**WHAT IS BEING ASKED**. For each line of the data that includes the word "dxfattribs", copy the line.

**AVAILABLE DATA**.
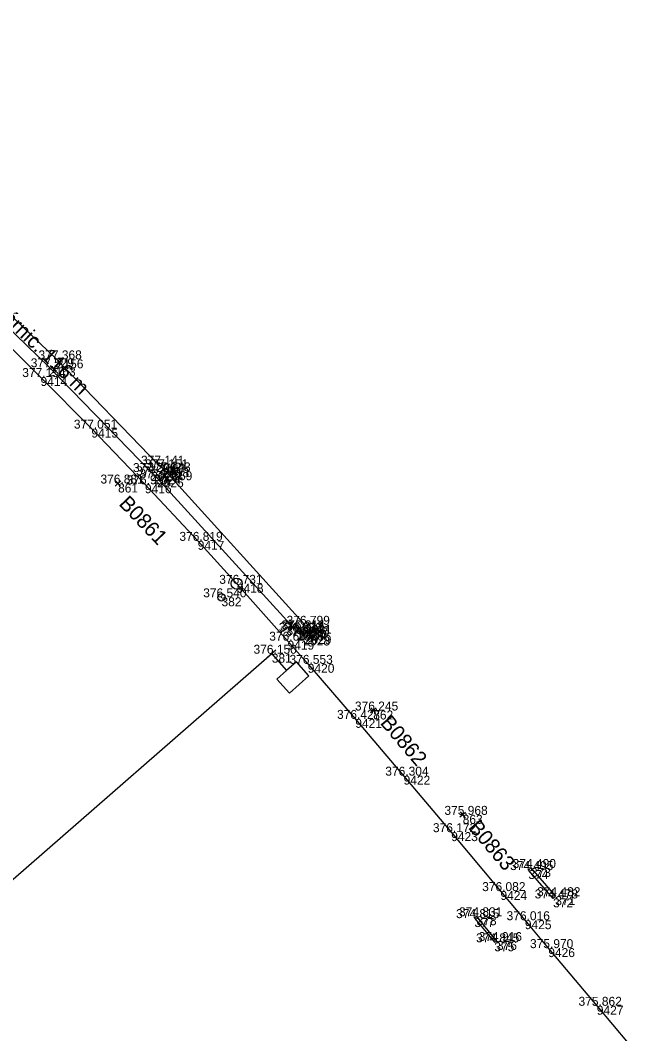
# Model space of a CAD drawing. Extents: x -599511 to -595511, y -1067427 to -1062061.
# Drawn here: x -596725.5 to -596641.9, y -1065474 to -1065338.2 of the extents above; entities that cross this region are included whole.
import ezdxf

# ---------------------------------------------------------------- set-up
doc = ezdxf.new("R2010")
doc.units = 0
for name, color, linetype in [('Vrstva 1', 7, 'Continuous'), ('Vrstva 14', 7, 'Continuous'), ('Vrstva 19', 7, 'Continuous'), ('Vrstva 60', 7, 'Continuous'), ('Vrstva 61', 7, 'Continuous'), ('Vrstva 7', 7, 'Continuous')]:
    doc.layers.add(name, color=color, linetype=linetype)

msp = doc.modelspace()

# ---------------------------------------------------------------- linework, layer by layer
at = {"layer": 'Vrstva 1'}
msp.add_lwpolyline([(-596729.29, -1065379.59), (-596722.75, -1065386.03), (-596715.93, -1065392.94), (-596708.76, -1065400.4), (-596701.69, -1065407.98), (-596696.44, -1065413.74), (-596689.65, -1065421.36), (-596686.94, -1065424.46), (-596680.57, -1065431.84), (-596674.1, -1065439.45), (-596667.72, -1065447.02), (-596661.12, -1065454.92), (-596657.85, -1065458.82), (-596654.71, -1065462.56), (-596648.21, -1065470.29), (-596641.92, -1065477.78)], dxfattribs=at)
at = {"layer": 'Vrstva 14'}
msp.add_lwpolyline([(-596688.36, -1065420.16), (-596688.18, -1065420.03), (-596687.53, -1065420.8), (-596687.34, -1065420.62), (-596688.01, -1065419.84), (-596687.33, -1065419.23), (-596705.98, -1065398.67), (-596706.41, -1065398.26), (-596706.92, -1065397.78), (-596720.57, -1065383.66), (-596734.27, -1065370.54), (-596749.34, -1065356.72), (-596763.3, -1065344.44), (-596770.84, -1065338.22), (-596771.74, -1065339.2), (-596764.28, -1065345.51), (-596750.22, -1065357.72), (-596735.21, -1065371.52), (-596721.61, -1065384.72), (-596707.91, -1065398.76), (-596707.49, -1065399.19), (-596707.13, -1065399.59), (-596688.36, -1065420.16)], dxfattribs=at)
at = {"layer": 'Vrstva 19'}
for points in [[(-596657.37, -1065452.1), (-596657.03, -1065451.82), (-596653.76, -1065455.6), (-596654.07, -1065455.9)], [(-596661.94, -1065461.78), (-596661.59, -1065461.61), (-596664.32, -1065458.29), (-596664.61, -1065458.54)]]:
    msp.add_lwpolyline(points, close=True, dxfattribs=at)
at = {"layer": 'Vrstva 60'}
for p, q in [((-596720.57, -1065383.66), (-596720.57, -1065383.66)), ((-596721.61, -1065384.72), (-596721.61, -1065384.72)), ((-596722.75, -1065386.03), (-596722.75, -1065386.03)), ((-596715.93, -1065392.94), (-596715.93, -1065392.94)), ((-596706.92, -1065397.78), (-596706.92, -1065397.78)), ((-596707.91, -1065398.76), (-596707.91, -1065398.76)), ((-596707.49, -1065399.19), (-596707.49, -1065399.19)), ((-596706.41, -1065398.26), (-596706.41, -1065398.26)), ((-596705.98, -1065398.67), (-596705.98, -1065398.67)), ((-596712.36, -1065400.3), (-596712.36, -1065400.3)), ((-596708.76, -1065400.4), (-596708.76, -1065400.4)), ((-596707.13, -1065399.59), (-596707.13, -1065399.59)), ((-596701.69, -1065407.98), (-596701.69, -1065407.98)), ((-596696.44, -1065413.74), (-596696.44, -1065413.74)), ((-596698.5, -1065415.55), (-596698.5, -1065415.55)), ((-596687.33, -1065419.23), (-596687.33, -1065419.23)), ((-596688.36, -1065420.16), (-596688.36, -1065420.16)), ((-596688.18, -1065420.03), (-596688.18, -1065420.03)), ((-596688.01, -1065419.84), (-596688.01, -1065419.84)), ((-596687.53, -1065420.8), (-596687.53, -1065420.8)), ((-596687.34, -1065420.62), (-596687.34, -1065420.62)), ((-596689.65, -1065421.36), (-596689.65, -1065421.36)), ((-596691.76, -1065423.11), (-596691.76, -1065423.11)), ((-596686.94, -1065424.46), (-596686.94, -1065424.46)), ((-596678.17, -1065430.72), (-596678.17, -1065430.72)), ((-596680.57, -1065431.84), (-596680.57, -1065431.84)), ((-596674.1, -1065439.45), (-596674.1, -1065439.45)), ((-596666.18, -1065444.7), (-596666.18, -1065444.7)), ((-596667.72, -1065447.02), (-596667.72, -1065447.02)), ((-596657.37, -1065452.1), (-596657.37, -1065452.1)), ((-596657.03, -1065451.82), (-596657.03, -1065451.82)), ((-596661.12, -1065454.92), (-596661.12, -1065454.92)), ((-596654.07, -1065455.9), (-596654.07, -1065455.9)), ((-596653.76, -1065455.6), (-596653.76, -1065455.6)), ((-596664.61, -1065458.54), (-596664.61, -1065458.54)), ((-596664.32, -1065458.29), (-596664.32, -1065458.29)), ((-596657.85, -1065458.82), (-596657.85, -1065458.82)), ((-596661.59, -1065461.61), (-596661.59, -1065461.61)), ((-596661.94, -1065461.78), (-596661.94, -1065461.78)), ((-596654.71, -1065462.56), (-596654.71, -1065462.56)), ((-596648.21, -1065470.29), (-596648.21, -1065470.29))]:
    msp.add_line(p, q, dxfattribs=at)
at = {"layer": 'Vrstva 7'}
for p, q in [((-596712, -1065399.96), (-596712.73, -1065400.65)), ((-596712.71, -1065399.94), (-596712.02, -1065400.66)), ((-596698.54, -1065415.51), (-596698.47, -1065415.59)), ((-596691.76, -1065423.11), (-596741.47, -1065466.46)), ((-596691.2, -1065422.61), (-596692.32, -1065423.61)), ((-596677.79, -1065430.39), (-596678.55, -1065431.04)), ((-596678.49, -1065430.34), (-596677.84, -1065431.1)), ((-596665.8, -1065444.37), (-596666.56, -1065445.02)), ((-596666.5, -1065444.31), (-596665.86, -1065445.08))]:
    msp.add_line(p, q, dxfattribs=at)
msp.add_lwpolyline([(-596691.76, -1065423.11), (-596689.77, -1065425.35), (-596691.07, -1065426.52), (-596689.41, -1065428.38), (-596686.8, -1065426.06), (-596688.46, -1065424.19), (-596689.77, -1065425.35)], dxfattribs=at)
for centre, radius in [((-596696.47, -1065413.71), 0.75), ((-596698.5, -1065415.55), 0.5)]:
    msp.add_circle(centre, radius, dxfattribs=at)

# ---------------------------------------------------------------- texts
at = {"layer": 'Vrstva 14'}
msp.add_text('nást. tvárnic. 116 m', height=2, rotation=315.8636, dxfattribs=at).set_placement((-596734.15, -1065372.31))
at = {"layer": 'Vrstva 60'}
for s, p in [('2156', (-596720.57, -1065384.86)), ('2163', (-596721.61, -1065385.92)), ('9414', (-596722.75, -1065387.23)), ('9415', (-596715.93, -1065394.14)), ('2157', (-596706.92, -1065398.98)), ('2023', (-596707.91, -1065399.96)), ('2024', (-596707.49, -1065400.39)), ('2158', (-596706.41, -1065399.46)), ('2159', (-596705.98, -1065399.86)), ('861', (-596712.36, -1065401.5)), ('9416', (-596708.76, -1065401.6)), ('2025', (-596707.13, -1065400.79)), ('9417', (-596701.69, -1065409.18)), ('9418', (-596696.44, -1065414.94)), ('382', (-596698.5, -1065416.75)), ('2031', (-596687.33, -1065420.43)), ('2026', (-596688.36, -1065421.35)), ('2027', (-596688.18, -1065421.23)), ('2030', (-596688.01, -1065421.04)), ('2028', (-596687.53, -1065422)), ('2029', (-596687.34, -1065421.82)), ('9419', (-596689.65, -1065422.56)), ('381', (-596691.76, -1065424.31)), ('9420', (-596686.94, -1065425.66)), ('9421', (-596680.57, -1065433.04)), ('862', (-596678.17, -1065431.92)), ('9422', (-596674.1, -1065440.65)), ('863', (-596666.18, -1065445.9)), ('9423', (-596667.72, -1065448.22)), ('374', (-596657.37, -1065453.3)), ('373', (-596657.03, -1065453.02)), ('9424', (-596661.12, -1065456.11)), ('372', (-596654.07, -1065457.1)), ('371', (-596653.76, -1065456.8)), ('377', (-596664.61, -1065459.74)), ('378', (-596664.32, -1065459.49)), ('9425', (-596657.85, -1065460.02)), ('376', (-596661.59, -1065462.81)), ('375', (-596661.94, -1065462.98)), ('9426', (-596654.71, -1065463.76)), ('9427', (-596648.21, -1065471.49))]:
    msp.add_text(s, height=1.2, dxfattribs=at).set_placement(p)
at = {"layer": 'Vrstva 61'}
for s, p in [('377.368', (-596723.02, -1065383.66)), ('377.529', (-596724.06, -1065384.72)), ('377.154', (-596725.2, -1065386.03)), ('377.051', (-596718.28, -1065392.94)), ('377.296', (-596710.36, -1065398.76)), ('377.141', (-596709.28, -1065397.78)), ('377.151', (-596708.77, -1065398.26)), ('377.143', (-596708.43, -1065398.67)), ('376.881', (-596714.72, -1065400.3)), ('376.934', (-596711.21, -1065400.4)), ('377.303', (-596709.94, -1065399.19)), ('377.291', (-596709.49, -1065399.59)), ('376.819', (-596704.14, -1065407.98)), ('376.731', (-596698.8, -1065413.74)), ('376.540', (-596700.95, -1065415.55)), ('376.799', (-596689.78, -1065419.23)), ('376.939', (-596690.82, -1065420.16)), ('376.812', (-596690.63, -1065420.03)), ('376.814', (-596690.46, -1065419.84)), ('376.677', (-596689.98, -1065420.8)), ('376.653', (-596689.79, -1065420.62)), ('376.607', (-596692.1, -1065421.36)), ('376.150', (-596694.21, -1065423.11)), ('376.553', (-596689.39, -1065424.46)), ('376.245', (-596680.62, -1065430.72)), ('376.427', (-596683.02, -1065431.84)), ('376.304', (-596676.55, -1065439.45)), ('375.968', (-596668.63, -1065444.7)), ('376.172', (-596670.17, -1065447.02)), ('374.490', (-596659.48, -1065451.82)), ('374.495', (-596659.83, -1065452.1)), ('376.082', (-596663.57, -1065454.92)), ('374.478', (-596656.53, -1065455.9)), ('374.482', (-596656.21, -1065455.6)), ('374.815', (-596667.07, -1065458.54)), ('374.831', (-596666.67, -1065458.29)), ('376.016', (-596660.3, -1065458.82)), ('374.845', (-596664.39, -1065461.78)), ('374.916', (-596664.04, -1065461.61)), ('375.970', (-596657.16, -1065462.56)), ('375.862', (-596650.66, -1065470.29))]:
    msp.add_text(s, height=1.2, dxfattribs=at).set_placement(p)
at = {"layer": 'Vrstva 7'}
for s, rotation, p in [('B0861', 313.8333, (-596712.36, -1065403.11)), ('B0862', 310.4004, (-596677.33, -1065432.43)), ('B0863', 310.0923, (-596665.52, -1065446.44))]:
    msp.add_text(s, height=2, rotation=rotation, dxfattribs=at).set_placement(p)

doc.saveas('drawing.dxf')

**RESULT OF THE TASK**.
msp.add_lwpolyline([(-596729.29, -1065379.59), (-596722.75, -1065386.03), (-596715.93, -1065392.94), (-596708.76, -1065400.4), (-596701.69, -1065407.98), (-596696.44, -1065413.74), (-596689.65, -1065421.36), (-596686.94, -1065424.46), (-596680.57, -1065431.84), (-596674.1, -1065439.45), (-596667.72, -1065447.02), (-596661.12, -1065454.92), (-596657.85, -1065458.82), (-596654.71, -1065462.56), (-596648.21, -1065470.29), (-596641.92, -1065477.78)], dxfattribs=at)
msp.add_lwpolyline([(-596688.36, -1065420.16), (-596688.18, -1065420.03), (-596687.53, -1065420.8), (-596687.34, -1065420.62), (-596688.01, -1065419.84), (-596687.33, -1065419.23), (-596705.98, -1065398.67), (-596706.41, -1065398.26), (-596706.92, -1065397.78), (-596720.57, -1065383.66), (-596734.27, -1065370.54), (-596749.34, -1065356.72), (-596763.3, -1065344.44), (-596770.84, -1065338.22), (-596771.74, -1065339.2), (-596764.28, -1065345.51), (-596750.22, -1065357.72), (-596735.21, -1065371.52), (-596721.61, -1065384.72), (-596707.91, -1065398.76), (-596707.49, -1065399.19), (-596707.13, -1065399.59), (-596688.36, -1065420.16)], dxfattribs=at)
    msp.add_lwpolyline(points, close=True, dxfattribs=at)
    msp.add_line(p, q, dxfattribs=at)
    msp.add_line(p, q, dxfattribs=at)
msp.add_lwpolyline([(-596691.76, -1065423.11), (-596689.77, -1065425.35), (-596691.07, -1065426.52), (-596689.41, -1065428.38), (-596686.8, -1065426.06), (-596688.46, -1065424.19), (-596689.77, -1065425.35)], dxfattribs=at)
    msp.add_circle(centre, radius, dxfattribs=at)
msp.add_text('nást. tvárnic. 116 m', height=2, rotation=315.8636, dxfattribs=at).set_placement((-596734.15, -1065372.31))
    msp.add_text(s, height=1.2, dxfattribs=at).set_placement(p)
    msp.add_text(s, height=1.2, dxfattribs=at).set_placement(p)
    msp.add_text(s, height=2, rotation=rotation, dxfattribs=at).set_placement(p)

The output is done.